My idea: if Postfix can count something, then applications will
follow.  Whether it is counting login names, sender addresses,
recipient addresses or something that I haven't thought of yet.

> Can we assume such a feature would only be used on ports that have
> MUA to MTA traffic? On such a port could we separate spammer clients
> from regular clients? Do regular clients have behaviours that make
> them distinguishable from irregular (spammers) ones?

I suppose SMTP-related counters would be driven by smtpd(8), and
Postfix still uses the same program for both MUA and MTA traffic.

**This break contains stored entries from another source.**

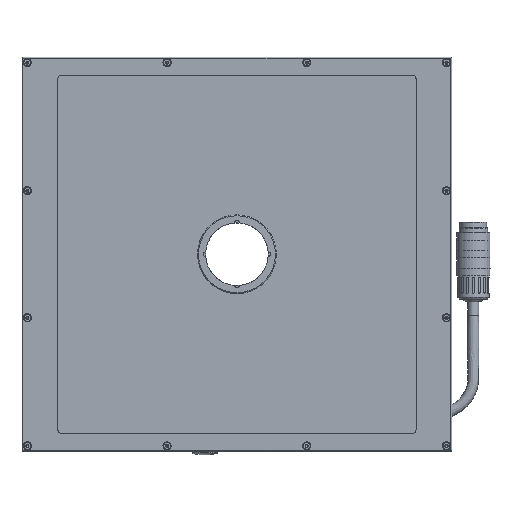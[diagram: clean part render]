
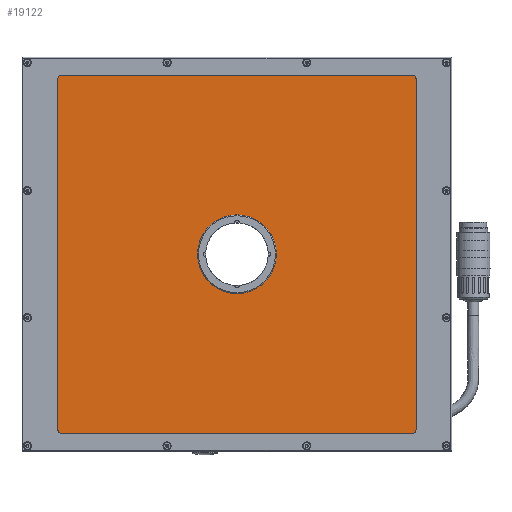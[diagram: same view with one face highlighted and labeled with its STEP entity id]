
A CAD part, top view. The second image highlights one B-rep face of the part: STEP entity #19122.
In plain terms, the highlighted planar face has unit normal (0, 0, 1).
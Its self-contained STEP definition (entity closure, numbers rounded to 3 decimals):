
#1352=CIRCLE('',#28760,20.);
#1353=CIRCLE('',#28761,2.);
#1354=CIRCLE('',#28762,2.);
#1355=CIRCLE('',#28763,2.);
#1356=CIRCLE('',#28764,2.);
#2168=ORIENTED_EDGE('',*,*,#7736,.T.);
#2169=ORIENTED_EDGE('',*,*,#7726,.T.);
#2170=ORIENTED_EDGE('',*,*,#7737,.T.);
#2171=ORIENTED_EDGE('',*,*,#7728,.T.);
#2172=ORIENTED_EDGE('',*,*,#7738,.T.);
#2173=ORIENTED_EDGE('',*,*,#7732,.T.);
#2174=ORIENTED_EDGE('',*,*,#7739,.T.);
#2175=ORIENTED_EDGE('',*,*,#7720,.T.);
#2176=ORIENTED_EDGE('',*,*,#7740,.T.);
#7720=EDGE_CURVE('',#10504,#10505,#12469,.T.);
#7726=EDGE_CURVE('',#10511,#10510,#12475,.T.);
#7728=EDGE_CURVE('',#10512,#10513,#12477,.T.);
#7732=EDGE_CURVE('',#10516,#10517,#12481,.T.);
#7736=EDGE_CURVE('',#10520,#10520,#1352,.T.);
#7737=EDGE_CURVE('',#10510,#10512,#1353,.T.);
#7738=EDGE_CURVE('',#10513,#10516,#1354,.T.);
#7739=EDGE_CURVE('',#10517,#10504,#1355,.T.);
#7740=EDGE_CURVE('',#10505,#10511,#1356,.T.);
#10504=VERTEX_POINT('',#36223);
#10505=VERTEX_POINT('',#36224);
#10510=VERTEX_POINT('',#36235);
#10511=VERTEX_POINT('',#36237);
#10512=VERTEX_POINT('',#36241);
#10513=VERTEX_POINT('',#36242);
#10516=VERTEX_POINT('',#36250);
#10517=VERTEX_POINT('',#36251);
#10520=VERTEX_POINT('',#36259);
#12469=LINE('',#36222,#13926);
#12475=LINE('',#36236,#13932);
#12477=LINE('',#36240,#13934);
#12481=LINE('',#36249,#13938);
#13926=VECTOR('',#30761,1000.);
#13932=VECTOR('',#30769,1000.);
#13934=VECTOR('',#30773,1000.);
#13938=VECTOR('',#30779,1000.);
#15387=EDGE_LOOP('',(#2168));
#15388=EDGE_LOOP('',(#2169,#2170,#2171,#2172,#2173,#2174,#2175,#2176));
#16951=FACE_BOUND('',#15387,.T.);
#16952=FACE_BOUND('',#15388,.T.);
#18566=PLANE('',#28759);
#19122=ADVANCED_FACE('',(#16951,#16952),#18566,.T.);
#28759=AXIS2_PLACEMENT_3D('',#36257,#30783,#30784);
#28760=AXIS2_PLACEMENT_3D('',#36258,#30785,#30786);
#28761=AXIS2_PLACEMENT_3D('',#36260,#30787,#30788);
#28762=AXIS2_PLACEMENT_3D('',#36261,#30789,#30790);
#28763=AXIS2_PLACEMENT_3D('',#36262,#30791,#30792);
#28764=AXIS2_PLACEMENT_3D('',#36263,#30793,#30794);
#30761=DIRECTION('',(0.,-1.,0.));
#30769=DIRECTION('',(1.,0.,0.));
#30773=DIRECTION('',(0.,1.,0.));
#30779=DIRECTION('',(-1.,0.,0.));
#30783=DIRECTION('',(0.,0.,1.));
#30784=DIRECTION('',(1.,0.,0.));
#30785=DIRECTION('',(0.,0.,-1.));
#30786=DIRECTION('',(0.,1.,0.));
#30787=DIRECTION('',(0.,0.,1.));
#30788=DIRECTION('',(1.,0.,0.));
#30789=DIRECTION('',(0.,0.,1.));
#30790=DIRECTION('',(1.,0.,0.));
#30791=DIRECTION('',(0.,0.,1.));
#30792=DIRECTION('',(1.,0.,0.));
#30793=DIRECTION('',(0.,0.,1.));
#30794=DIRECTION('',(1.,0.,0.));
#36222=CARTESIAN_POINT('',(-103.8,103.8,11.05));
#36223=CARTESIAN_POINT('',(-103.8,101.8,11.05));
#36224=CARTESIAN_POINT('',(-103.8,-101.8,11.05));
#36235=CARTESIAN_POINT('',(101.8,-103.8,11.05));
#36236=CARTESIAN_POINT('',(-103.8,-103.8,11.05));
#36237=CARTESIAN_POINT('',(-101.8,-103.8,11.05));
#36240=CARTESIAN_POINT('',(103.8,-103.8,11.05));
#36241=CARTESIAN_POINT('',(103.8,-101.8,11.05));
#36242=CARTESIAN_POINT('',(103.8,101.8,11.05));
#36249=CARTESIAN_POINT('',(103.8,103.8,11.05));
#36250=CARTESIAN_POINT('',(101.8,103.8,11.05));
#36251=CARTESIAN_POINT('',(-101.8,103.8,11.05));
#36257=CARTESIAN_POINT('',(0.,0.,
11.05));
#36258=CARTESIAN_POINT('',(0.,0.,
11.05));
#36259=CARTESIAN_POINT('',(0.,20.,11.05));
#36260=CARTESIAN_POINT('',(101.8,-101.8,11.05));
#36261=CARTESIAN_POINT('',(101.8,101.8,11.05));
#36262=CARTESIAN_POINT('',(-101.8,101.8,11.05));
#36263=CARTESIAN_POINT('',(-101.8,-101.8,11.05));

> If a regular client ended after x attempts within y time, should
> any further attempt lead to a ban, because it identifies an irregular
> client that keeps on failing?

I hope that simple counters and limits can deal with this. If not,
then making counters available via memcached would allow other
programs to make more complex inferences.

Unfortunately, digging up the login name (without waiting for a
successful login) requires that Postfix implements parts of the
SASL protocol itself.  So that is not a very good application of
counters for failed login attempts on known names, or login attempts
on non-existent names.

> Also: A deep inspection (time consuming) could lookup the submitted
> password in <https://leakdb.abusix.com/info.html> and use the fact
> that there are matches to come to a decision.

Grabbing SASL password information with smtpd(8) would require more
duplication of SASL inside smtpd(8).